* **ASSIGNMENT**: Output exactly the lines below, starting with the line that has "3850273.69, 5.32), dxfattribs=at)" and going on through the line that has "3850271.17, 5.06), dxfattribs=at)", both included, and no other lines.

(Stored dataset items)
━━━━━━━━━━

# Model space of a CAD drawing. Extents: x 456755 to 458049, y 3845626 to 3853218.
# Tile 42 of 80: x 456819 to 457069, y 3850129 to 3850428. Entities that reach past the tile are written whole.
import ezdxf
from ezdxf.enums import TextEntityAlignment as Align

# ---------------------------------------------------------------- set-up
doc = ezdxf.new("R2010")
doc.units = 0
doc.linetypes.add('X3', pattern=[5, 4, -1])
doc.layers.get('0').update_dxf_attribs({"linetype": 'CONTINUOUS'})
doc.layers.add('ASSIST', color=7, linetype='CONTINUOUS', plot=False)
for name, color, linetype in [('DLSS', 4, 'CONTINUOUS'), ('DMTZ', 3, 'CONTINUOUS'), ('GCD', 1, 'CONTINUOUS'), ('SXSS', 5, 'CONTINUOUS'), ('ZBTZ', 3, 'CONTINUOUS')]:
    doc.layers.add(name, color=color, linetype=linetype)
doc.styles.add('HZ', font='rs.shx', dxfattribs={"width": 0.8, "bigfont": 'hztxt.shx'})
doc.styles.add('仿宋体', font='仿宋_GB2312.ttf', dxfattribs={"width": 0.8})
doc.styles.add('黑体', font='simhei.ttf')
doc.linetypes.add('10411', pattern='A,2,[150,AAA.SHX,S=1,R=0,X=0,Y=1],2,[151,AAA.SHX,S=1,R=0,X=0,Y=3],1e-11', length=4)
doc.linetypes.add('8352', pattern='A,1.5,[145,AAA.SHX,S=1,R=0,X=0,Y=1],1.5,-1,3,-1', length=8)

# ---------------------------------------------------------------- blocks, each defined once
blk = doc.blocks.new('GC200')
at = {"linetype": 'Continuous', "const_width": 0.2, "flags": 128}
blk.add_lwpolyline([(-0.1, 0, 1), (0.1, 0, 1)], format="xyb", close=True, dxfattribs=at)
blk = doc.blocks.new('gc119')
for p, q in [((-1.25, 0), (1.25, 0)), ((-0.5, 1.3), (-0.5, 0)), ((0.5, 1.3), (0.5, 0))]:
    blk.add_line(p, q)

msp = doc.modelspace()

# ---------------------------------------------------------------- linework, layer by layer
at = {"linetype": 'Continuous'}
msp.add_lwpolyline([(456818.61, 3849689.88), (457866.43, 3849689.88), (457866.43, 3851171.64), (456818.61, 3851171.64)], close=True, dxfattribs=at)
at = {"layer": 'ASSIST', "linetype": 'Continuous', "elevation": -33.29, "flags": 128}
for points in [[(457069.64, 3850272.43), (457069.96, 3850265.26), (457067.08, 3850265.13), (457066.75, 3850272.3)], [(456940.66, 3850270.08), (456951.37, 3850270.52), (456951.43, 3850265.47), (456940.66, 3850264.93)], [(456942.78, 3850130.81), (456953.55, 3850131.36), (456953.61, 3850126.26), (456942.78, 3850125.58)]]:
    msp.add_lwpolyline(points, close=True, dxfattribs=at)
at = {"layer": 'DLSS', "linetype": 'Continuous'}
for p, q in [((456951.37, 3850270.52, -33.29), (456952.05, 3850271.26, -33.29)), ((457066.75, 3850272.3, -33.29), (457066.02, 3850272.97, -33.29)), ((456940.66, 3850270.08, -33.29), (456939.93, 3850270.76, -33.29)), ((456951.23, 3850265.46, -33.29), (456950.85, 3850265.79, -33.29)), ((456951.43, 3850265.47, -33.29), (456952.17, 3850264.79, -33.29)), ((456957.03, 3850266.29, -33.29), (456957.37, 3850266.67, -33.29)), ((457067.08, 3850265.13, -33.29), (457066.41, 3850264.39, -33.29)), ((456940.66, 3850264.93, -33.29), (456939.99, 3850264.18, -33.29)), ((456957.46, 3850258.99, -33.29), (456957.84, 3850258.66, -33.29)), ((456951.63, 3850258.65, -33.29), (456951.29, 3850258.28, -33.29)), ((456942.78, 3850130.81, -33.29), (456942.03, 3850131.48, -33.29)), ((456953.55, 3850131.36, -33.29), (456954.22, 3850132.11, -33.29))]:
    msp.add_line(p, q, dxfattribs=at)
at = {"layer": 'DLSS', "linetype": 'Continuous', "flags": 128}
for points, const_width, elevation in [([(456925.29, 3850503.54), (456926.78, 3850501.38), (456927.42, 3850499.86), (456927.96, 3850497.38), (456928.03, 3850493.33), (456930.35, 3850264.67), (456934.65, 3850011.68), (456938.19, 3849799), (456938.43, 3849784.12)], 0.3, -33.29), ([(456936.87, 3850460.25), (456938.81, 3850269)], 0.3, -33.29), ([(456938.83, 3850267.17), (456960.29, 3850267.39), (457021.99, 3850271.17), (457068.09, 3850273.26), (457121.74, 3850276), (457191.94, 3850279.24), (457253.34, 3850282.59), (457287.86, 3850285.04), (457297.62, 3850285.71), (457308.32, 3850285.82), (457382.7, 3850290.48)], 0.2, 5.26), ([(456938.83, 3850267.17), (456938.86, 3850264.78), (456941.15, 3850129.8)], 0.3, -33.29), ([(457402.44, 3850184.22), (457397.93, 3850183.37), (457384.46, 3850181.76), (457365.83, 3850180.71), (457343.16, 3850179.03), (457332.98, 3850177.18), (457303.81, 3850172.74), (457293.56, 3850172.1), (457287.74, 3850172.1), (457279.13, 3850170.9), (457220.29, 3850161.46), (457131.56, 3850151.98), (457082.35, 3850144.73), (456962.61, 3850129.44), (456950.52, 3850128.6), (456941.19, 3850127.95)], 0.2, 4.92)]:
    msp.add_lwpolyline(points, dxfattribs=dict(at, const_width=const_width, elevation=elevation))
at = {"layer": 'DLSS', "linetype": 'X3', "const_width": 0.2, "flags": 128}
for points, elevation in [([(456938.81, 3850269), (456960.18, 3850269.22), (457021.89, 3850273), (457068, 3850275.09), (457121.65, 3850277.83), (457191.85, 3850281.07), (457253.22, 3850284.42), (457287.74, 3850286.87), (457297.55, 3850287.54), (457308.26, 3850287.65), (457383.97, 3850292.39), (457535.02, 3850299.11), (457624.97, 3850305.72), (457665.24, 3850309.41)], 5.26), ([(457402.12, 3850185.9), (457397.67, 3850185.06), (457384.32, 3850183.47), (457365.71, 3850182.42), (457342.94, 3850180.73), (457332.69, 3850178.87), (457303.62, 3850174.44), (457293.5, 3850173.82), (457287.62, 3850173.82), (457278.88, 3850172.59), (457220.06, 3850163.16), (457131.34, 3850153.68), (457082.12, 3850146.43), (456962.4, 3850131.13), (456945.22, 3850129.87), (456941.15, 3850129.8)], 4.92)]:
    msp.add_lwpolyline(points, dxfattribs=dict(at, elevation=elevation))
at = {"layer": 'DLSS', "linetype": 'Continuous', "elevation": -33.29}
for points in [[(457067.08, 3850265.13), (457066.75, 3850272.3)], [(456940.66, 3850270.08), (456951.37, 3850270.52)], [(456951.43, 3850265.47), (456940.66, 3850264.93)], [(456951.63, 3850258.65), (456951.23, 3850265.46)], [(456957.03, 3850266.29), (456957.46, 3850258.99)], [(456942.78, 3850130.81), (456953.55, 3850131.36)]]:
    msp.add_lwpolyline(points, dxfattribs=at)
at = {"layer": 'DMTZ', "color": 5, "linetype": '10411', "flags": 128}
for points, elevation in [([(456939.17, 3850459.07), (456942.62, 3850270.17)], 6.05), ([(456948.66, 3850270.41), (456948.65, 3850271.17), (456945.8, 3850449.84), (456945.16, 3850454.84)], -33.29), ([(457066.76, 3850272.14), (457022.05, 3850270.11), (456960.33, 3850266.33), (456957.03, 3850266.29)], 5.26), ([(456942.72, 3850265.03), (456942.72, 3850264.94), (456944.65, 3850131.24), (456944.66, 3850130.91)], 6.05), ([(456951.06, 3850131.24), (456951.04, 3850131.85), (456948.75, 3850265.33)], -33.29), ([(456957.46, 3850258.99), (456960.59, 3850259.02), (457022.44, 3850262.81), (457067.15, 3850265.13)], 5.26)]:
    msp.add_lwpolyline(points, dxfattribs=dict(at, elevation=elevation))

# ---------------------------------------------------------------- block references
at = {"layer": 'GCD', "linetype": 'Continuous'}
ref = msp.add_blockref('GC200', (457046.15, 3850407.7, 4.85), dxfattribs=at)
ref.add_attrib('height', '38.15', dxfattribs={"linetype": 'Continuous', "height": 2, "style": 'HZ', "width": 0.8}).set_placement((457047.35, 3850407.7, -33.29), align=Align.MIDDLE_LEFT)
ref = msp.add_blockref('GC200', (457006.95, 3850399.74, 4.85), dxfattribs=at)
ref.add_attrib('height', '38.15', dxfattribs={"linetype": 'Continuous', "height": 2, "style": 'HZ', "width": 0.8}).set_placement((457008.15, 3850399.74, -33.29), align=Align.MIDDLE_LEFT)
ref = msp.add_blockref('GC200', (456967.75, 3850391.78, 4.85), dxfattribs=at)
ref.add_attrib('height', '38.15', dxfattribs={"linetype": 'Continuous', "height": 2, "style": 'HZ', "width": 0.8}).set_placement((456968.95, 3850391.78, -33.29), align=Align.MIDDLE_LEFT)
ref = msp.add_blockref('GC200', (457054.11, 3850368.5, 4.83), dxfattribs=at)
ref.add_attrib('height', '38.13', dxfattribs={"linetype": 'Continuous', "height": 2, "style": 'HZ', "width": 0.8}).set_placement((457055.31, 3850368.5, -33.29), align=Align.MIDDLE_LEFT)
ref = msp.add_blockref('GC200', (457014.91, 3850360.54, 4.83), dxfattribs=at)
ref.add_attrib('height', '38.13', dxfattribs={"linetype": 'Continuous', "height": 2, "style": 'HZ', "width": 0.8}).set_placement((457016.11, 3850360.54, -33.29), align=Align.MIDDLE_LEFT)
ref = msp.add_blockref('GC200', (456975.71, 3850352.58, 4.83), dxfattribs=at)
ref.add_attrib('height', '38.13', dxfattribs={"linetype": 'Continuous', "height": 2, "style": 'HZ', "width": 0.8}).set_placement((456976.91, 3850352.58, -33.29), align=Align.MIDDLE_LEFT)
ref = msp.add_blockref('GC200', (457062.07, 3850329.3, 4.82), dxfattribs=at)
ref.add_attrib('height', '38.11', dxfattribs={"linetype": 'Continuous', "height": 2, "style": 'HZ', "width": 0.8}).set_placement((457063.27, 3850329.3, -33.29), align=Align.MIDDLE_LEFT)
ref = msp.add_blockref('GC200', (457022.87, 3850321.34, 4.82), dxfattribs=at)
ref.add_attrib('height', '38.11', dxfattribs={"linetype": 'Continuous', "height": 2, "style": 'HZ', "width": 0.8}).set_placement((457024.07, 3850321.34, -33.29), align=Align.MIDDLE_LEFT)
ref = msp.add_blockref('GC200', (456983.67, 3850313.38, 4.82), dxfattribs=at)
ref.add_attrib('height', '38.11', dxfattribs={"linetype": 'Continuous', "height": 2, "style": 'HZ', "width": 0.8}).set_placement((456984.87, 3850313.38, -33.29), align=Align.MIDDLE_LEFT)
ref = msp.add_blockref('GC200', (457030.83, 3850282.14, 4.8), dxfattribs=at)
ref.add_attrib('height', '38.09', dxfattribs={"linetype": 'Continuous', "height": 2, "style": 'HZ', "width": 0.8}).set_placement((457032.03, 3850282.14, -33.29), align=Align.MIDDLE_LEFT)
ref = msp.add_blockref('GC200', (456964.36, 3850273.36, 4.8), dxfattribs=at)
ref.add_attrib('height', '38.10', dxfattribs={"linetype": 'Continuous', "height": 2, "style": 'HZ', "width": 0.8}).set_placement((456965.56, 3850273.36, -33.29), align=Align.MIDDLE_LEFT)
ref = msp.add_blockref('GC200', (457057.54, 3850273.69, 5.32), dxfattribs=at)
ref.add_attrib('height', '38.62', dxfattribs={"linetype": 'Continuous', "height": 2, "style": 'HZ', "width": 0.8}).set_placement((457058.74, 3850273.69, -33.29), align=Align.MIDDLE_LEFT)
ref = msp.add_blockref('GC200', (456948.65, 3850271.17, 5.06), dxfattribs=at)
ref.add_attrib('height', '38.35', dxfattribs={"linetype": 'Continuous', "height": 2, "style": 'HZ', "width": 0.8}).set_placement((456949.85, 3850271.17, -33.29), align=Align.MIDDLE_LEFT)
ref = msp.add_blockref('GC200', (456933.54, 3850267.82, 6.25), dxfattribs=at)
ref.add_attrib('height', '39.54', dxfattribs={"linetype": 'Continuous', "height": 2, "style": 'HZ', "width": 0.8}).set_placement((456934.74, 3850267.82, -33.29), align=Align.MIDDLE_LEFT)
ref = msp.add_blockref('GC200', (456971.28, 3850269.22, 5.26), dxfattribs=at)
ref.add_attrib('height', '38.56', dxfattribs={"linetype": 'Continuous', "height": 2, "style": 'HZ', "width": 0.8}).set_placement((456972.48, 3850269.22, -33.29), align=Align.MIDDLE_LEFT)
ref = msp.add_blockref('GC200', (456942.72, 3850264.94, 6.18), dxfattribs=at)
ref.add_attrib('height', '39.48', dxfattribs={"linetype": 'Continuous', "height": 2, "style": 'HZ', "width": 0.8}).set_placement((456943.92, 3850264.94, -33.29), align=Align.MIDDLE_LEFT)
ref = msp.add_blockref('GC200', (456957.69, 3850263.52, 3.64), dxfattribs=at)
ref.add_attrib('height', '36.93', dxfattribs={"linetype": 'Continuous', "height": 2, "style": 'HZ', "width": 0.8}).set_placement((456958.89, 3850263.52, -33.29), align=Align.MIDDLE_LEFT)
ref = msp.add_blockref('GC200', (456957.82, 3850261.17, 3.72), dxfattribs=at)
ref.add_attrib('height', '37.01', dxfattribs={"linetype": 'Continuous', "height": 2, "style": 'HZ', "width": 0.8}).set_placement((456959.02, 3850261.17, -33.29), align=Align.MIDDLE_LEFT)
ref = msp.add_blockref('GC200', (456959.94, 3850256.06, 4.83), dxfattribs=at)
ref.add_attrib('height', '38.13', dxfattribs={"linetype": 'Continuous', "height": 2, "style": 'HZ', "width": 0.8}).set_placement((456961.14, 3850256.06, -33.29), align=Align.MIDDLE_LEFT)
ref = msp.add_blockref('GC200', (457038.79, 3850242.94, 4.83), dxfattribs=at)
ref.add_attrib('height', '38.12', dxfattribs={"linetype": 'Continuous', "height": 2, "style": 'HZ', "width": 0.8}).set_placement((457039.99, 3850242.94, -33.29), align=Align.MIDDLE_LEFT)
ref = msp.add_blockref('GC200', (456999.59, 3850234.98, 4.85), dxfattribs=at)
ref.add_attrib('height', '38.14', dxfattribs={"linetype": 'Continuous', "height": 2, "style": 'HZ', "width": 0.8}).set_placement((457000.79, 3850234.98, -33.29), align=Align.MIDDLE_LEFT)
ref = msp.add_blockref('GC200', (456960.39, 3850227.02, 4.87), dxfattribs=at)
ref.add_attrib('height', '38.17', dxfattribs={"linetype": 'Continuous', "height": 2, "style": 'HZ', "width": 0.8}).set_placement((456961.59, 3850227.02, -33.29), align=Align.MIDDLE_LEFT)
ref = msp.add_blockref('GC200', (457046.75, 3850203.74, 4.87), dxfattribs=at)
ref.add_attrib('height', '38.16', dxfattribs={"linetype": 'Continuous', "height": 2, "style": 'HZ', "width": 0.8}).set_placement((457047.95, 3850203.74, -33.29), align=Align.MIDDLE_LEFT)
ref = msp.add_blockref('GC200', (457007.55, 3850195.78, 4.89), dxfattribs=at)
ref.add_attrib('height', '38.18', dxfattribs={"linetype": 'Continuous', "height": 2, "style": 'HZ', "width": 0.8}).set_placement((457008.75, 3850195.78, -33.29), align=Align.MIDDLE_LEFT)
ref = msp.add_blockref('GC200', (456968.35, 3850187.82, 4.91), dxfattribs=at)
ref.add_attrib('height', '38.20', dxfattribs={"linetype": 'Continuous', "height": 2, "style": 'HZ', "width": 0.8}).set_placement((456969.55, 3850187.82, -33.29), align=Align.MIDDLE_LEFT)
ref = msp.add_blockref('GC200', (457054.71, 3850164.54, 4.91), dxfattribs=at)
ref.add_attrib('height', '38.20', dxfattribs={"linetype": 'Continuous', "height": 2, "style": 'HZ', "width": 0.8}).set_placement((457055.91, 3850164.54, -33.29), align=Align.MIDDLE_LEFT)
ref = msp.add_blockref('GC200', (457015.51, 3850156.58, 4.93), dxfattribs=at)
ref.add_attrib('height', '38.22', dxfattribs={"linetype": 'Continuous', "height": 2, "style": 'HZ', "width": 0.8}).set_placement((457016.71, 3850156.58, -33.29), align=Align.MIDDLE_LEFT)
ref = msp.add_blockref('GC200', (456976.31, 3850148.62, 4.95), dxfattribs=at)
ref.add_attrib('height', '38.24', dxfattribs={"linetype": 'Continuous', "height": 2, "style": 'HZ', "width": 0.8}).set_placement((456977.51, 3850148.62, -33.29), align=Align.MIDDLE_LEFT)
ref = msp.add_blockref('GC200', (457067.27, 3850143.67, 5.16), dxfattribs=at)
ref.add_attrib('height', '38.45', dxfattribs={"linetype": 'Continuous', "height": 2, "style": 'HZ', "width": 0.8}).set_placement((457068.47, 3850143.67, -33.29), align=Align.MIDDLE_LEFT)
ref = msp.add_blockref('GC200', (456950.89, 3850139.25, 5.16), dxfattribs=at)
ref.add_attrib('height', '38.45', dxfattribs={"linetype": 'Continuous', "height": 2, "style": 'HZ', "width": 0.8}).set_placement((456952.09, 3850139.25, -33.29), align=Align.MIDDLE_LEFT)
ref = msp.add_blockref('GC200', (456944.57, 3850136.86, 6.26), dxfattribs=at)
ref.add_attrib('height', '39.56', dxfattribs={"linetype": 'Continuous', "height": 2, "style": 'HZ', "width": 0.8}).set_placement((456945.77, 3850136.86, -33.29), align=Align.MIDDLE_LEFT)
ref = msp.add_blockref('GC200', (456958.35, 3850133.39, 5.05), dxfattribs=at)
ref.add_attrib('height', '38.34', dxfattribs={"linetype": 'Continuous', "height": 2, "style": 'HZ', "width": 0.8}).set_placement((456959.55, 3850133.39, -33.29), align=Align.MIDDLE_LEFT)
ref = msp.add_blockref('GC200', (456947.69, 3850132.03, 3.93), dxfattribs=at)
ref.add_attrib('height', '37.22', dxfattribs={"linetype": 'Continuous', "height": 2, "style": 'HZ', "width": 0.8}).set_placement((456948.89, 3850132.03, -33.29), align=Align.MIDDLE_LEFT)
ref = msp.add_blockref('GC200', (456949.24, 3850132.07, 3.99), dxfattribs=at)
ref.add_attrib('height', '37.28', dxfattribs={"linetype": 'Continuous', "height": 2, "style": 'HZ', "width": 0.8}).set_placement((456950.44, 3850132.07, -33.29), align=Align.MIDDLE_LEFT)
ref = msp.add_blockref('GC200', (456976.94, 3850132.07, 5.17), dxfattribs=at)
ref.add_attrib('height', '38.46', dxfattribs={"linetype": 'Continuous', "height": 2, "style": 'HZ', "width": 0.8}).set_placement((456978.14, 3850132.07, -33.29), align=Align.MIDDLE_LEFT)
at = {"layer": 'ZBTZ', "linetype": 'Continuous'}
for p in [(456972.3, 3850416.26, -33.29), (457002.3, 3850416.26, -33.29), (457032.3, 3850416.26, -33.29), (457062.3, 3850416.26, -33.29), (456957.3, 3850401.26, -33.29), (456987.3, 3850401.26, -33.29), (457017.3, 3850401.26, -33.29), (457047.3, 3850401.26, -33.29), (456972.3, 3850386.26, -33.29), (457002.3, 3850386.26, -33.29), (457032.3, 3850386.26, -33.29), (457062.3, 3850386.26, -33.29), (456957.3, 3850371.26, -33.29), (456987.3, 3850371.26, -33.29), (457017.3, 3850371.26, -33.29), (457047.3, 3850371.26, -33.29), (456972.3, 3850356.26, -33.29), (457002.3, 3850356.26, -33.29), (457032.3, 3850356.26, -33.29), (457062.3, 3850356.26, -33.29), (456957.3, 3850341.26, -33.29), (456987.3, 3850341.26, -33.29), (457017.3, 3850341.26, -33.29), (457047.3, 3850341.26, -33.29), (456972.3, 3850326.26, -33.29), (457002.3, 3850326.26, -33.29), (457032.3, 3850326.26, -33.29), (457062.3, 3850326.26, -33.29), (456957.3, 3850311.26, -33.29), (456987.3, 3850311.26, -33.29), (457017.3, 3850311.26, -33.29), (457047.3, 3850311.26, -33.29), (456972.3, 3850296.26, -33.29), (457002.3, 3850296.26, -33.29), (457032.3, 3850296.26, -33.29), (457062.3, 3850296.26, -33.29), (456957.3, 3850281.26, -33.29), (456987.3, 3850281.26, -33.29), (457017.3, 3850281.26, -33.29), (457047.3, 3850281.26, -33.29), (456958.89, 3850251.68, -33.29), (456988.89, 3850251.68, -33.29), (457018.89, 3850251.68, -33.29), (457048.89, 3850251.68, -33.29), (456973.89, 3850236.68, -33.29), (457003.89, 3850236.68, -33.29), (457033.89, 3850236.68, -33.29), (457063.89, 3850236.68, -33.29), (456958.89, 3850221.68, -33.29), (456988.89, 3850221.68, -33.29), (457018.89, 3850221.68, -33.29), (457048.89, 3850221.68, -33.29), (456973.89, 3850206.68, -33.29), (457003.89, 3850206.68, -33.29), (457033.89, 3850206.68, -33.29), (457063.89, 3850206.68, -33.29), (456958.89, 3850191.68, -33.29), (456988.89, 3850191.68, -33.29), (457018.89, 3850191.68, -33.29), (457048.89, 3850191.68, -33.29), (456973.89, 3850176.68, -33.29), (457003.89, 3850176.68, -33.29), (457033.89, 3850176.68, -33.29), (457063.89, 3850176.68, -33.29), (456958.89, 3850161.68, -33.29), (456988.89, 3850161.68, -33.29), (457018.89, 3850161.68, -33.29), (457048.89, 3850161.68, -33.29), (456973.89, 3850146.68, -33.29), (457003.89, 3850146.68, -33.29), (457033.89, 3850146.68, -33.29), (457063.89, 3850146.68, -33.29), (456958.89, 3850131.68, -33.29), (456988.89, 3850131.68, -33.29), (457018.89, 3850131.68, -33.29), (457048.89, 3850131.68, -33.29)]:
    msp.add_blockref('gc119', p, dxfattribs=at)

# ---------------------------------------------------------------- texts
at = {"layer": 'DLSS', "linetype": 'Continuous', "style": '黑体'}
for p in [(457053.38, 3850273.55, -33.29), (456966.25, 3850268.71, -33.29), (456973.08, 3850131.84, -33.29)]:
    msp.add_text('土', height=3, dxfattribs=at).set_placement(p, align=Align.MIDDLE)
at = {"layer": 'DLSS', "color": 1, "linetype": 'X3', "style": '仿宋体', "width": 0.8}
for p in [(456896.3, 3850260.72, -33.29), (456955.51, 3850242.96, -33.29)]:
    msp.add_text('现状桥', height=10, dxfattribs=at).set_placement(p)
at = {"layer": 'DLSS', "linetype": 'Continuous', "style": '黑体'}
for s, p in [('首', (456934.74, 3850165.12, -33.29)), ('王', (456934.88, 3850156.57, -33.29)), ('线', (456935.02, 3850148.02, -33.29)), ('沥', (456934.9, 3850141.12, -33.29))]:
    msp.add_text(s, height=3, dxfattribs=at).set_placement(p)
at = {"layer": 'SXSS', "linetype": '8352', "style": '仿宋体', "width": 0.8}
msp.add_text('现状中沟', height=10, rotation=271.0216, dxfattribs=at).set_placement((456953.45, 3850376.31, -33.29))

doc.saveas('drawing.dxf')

━━━━━━━━━━

* **ANSWER FOR THE TASK**:
ref = msp.add_blockref('GC200', (457057.54, 3850273.69, 5.32), dxfattribs=at)
ref.add_attrib('height', '38.62', dxfattribs={"linetype": 'Continuous', "height": 2, "style": 'HZ', "width": 0.8}).set_placement((457058.74, 3850273.69, -33.29), align=Align.MIDDLE_LEFT)
ref = msp.add_blockref('GC200', (456948.65, 3850271.17, 5.06), dxfattribs=at)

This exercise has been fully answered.